• [TASK DETAILS]: What lines in the data hold the string "millimeters"? Show them.

(Dataset items)
▬▬▬
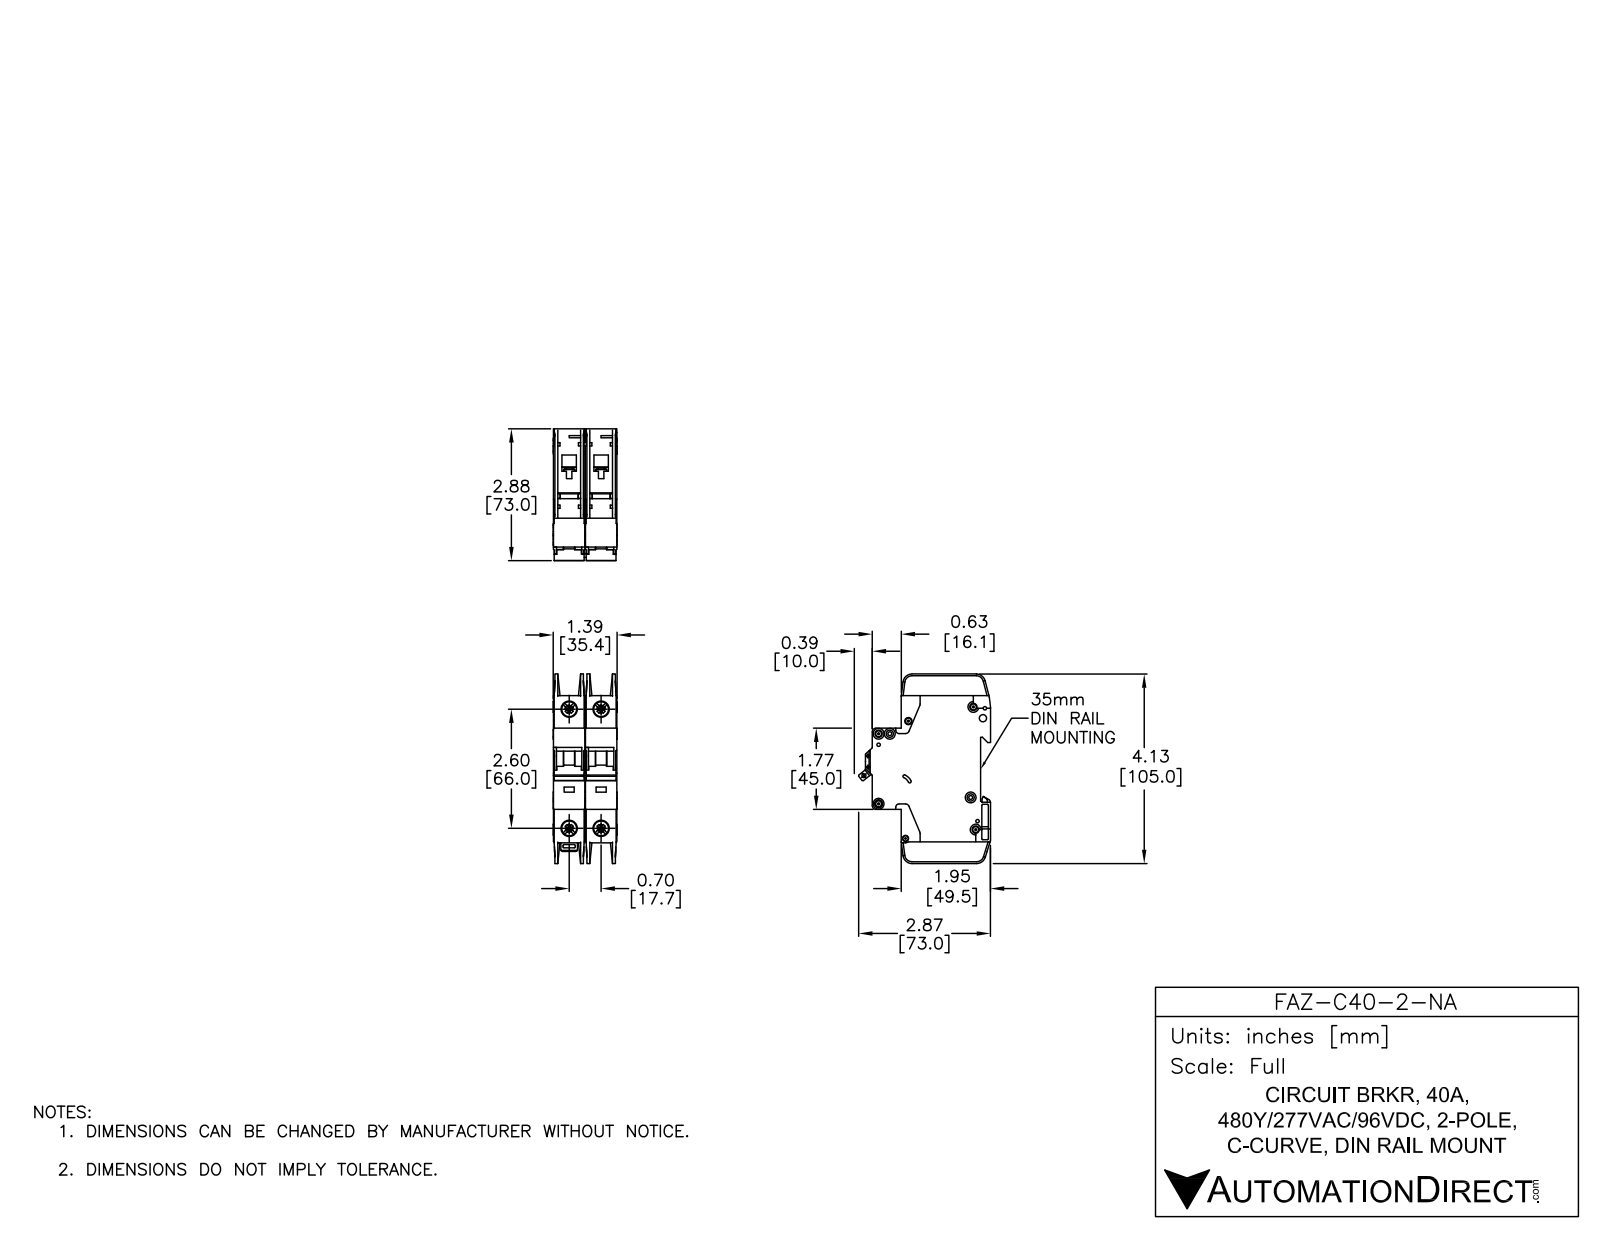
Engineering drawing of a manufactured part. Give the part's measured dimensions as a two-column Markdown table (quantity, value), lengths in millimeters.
| quantity | value |
| --- | --- |
| part name | FAZ-C40-2-NA |
| STEP written by | SolidWorks 2014 (AUTOMOTIVE_DESIGN) |
| units | millimeters |
| bodies | 6 solids, 1568 faces (818 planar, 526 cylindrical, 224 other) |
| overall size | 105 × 73.04 × 35.4 |
| volume | 155 390 mm³ |
| surface area | 49 479 mm² |
| round holes (diameter × count) | 3.6 × 7, 7.15 × 4, 8.2 × 4, 1.09 × 2, 1.5 × 2, 4 × 2, 1.9 × 1, 2.15 × 1, 2.2 × 1, 2.55 × 1, 3.3 × 1, 3.4 × 1 |
| round bosses / shafts (diameter × count) | 6 × 7, 2.5 × 2 |
| partial cylindrical surfaces (radius × count) | 0.25 × 47, 0.5 × 24, 1 × 18, 2 × 12, 5 × 5, 1.8 × 4, 4 × 4, 0.2 × 2 |
| main face-to-face distances | 17.7, 17.5, 0.7, 15.05, 2.45, 1.75, 15.75, 13.3, 35.2, 17 |
| hole center spacings | 6.2, 17.7, 66, 68.33, 5.19, 6.1, 8.19, 8.56 |
▬▬▬
• [OUTPUT FOR THIS TASK]:
Engineering drawing of a manufactured part. Give the part's measured dimensions as a two-column Markdown table (quantity, value), lengths in millimeters.
| units | millimeters |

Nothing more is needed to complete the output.